» **Task instructions**: Go through the entries below, count every line with the string "placement", and answer with only that number.

» **Records for processing**:
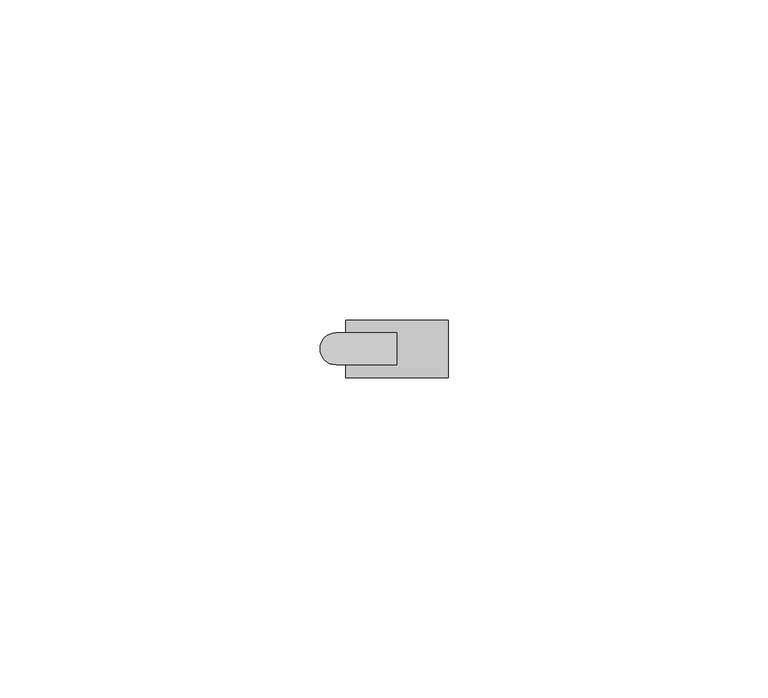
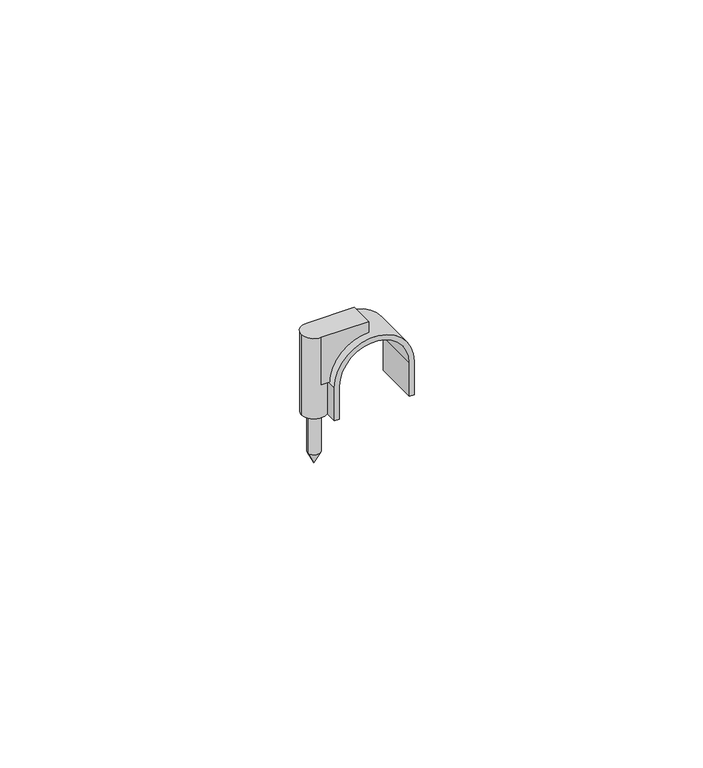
"""IFC4 building model written with IfcOpenShell, lengths in millimetres: cable carrier fitting geometry, КНС_СкобаПластиковаяСГвоздем_DKC : д.13 - 14мм."""

from ifc_helpers import new_model, si_unit, point, frame, frame_2d, origin, place, context, project, spatial, polyline, circle_curve, trimmed, segment, composite_curve, outline, extrude, source, transform, mapped, element, save
from ifc_brep_helpers import plane_surface, cylinder_surface, revolved_surface, advanced_brep


def cable_carrier_fitting_b7b49f06(model_context):
    return source(origin(), model_context, "Body", "SolidModel", [
        advanced_brep(
        [(-8.25, 0.0, 0.0), (-10.75, 0.0, 0.0), (-9.5, 0.0, 0.0), (-8.25, 0.0, -8.5), (-10.75, 0.0, -8.5), (-9.5, 0.0, -11.0)],
        [
            (0, 1, circle_curve(frame((-9.5, 0.0, 0.0), z_axis=(0.0, 0.0, 1.0), x_axis=(-1.0, 0.0, 0.0)), 1.25)),
            (1, 2),
            (2, 0),
            (1, 0, circle_curve(frame((-9.5, 0.0, 0.0), z_axis=(0.0, 0.0, 1.0), x_axis=(-1.0, 0.0, 0.0)), 1.25)),
            (3, 4, circle_curve(frame((-9.5, 0.0, -8.5), z_axis=(0.0, 0.0, 1.0), x_axis=(-1.0, 0.0, 0.0)), 1.25)),
            (4, 1),
            (0, 3),
            (4, 3, circle_curve(frame((-9.5, 0.0, -8.5), z_axis=(0.0, 0.0, 1.0), x_axis=(-1.0, 0.0, 0.0)), 1.25)),
            (5, 4),
            (3, 5),
        ],
        [
            plane_surface(frame((-9.5, 0.0, 0.0), z_axis=(0.0, 0.0, 1.0), x_axis=(-1.0, 0.0, 0.0))),
            cylinder_surface(frame((-9.5, 0.0, 28.2919306), z_axis=(0.0, 0.0, -1.0), x_axis=(-1.0, 0.0, 0.0)), 1.25),
            revolved_surface(polyline([(-10.75, 0.0, -8.5), (-9.5, 0.0, -11.0)]), (-9.5, 0.0, 28.2919306), (0.0, 0.0, -1.0)),
        ],
        [
            (0, [[1, 2, 3]]),
            (0, [[4, -3, -2]]),
            (1, [[5, 6, -1, 7]]),
            (1, [[8, -7, -4, -6]]),
            (2, [[9, -5, 10]]),
            (2, [[-10, -8, -9]]),
        ],
    ),
        advanced_brep(
        [(-7.0, -2.5, 7.0), (0.0, -2.5, 14.0), (0.0, -2.5, 17.0), (-9.5, -2.5, 17.0), (-9.5, -2.5, 7.0), (-7.0, 2.5, 7.0), (-9.5, 2.5, 7.0), (-9.5, 2.5, 17.0), (0.0, 2.5, 17.0), (0.0, 2.5, 14.0), (-7.0, 0.0, 7.0), (-12.0, 0.0, 17.0), (-7.0, 0.0, 0.0), (-12.0, 0.0, 0.0), (-9.5, 0.0, 0.0)],
        [
            (0, 1, circle_curve(frame((0.0, -2.5, 7.0), z_axis=(0.0, 1.0, 0.0), x_axis=(1.0, 0.0, 0.0)), 7.0)),
            (1, 2),
            (2, 3),
            (3, 4),
            (4, 0),
            (5, 6),
            (6, 7),
            (7, 8),
            (8, 9),
            (9, 5, circle_curve(frame((0.0, 2.5, 7.0), z_axis=(0.0, -1.0, 0.0), x_axis=(1.0, 0.0, 0.0)), 7.0)),
            (0, 10),
            (10, 5),
            (9, 1),
            (8, 2),
            (7, 11, circle_curve(frame((-9.5, 0.0, 17.0), z_axis=(0.0, 0.0, 1.0), x_axis=(-1.0, 0.0, 0.0)), 2.5)),
            (11, 3, circle_curve(frame((-9.5, 0.0, 17.0), z_axis=(0.0, 0.0, 1.0), x_axis=(-1.0, 0.0, 0.0)), 2.5)),
            (4, 10, circle_curve(frame((-9.5, 0.0, 7.0), z_axis=(0.0, 0.0, 1.0), x_axis=(-1.0, 0.0, 0.0)), 2.5)),
            (10, 6, circle_curve(frame((-9.5, 0.0, 7.0), z_axis=(0.0, 0.0, 1.0), x_axis=(-1.0, 0.0, 0.0)), 2.5)),
            (12, 13, circle_curve(frame((-9.5, 0.0, 0.0), z_axis=(0.0, 0.0, 1.0), x_axis=(-1.0, 0.0, 0.0)), 2.5)),
            (13, 11),
            (10, 12),
            (13, 12, circle_curve(frame((-9.5, 0.0, 0.0), z_axis=(0.0, 0.0, 1.0), x_axis=(-1.0, 0.0, 0.0)), 2.5)),
            (12, 14),
            (14, 13),
        ],
        [
            plane_surface(frame((7.0, -2.5, 7.0), z_axis=(0.0, -1.0, 0.0), x_axis=(0.0, 0.0, -1.0))),
            plane_surface(frame((7.0, 2.5, 7.0), z_axis=(0.0, 1.0, 0.0), x_axis=(0.0, 0.0, 1.0))),
            revolved_surface(polyline([(7.0, 2.5, 7.0), (7.0, -2.5, 7.0)]), (0.0, 2.5, 7.0), (0.0, 1.0, 0.0)),
            plane_surface(frame((0.0, -2.5, 14.0), z_axis=(1.0, 0.0, 0.0), x_axis=(0.0, 1.0, 0.0))),
            plane_surface(frame((0.0, -2.5, 17.0), z_axis=(0.0, 0.0, 1.0), x_axis=(0.0, 1.0, 0.0))),
            plane_surface(frame((-9.5, -2.5, 7.0), z_axis=(0.0, 0.0, -1.0), x_axis=(0.0, 1.0, 0.0))),
            cylinder_surface(frame((-9.5, 0.0, 28.2919306), z_axis=(0.0, 0.0, -1.0), x_axis=(-1.0, 0.0, 0.0)), 2.5),
            plane_surface(frame((-9.5, 0.0, 0.0), z_axis=(0.0, 0.0, -1.0), x_axis=(-1.0, 0.0, 0.0))),
        ],
        [
            (0, [[1, 2, 3, 4, 5]]),
            (1, [[6, 7, 8, 9, 10]]),
            (2, [[-1, 11, 12, -10, 13]]),
            (3, [[-2, -13, -9, 14]]),
            (4, [[-3, -14, -8, 15, 16]]),
            (5, [[-5, 17, -11]]),
            (5, [[-6, -12, 18]]),
            (6, [[19, 20, -15, -7, -18, 21]]),
            (6, [[-20, 22, -21, -17, -4, -16]]),
            (7, [[-19, 23, 24]]),
            (7, [[-22, -24, -23]]),
        ],
    ),
        extrude(outline(composite_curve([segment(polyline([(7.0, 7.0), (0.0, 7.0), (0.0, 8.0), (7.0, 8.0)]), True, "CONTINUOUS"), segment(trimmed(circle_curve(frame_2d((7.0, 0.0)), 8.0), [point((7.0, 8.0))], [point((7.0, -8.0))], False, "CARTESIAN"), True, "CONTINUOUS"), segment(polyline([(7.0, -8.0), (0.0, -8.0), (0.0, -7.0), (7.0, -7.0)]), True, "CONTINUOUS"), segment(trimmed(circle_curve(frame_2d((7.0, 0.0)), 7.0), [point((7.0, -7.0))], [point((7.0, 7.0))], True, "CARTESIAN"), True, "CONTINUOUS")], self_intersect=False)), frame((0.0, -4.5, 0.0), z_axis=(0.0, 1.0, 0.0), x_axis=(0.0, 0.0, 1.0)), (0.0, 0.0, 1.0), 9.0),
    ])


if __name__ == "__main__":
    model = new_model("IFC4")
    model_context = context("Model", 3, world=origin())
    ifc_project = project(units=[si_unit("LENGTHUNIT", "METRE", prefix="MILLI")], contexts=[model_context])
    site = spatial("IfcSite", under=ifc_project)
    building = spatial("IfcBuilding", under=site)
    placement = place(None, origin())
    cable_carrier_fitting_shape = cable_carrier_fitting_b7b49f06(model_context)
    element("IfcCableCarrierFitting", 1, ObjectType="КНС_СкобаПластиковаяСГвоздем_DKC : д.13 - 14мм", at=placement, inside=building, context=model_context, shape_type="MappedRepresentation", body=[
        mapped(cable_carrier_fitting_shape, transform((0.0, 0.0, 0.0), x_axis=(1.0, 0.0, 0.0), y_axis=(0.0, 1.0, 0.0), z_axis=(0.0, 0.0, 1.0))),
    ])
    save(model, "model.ifc")

» **Solved exercise**: 2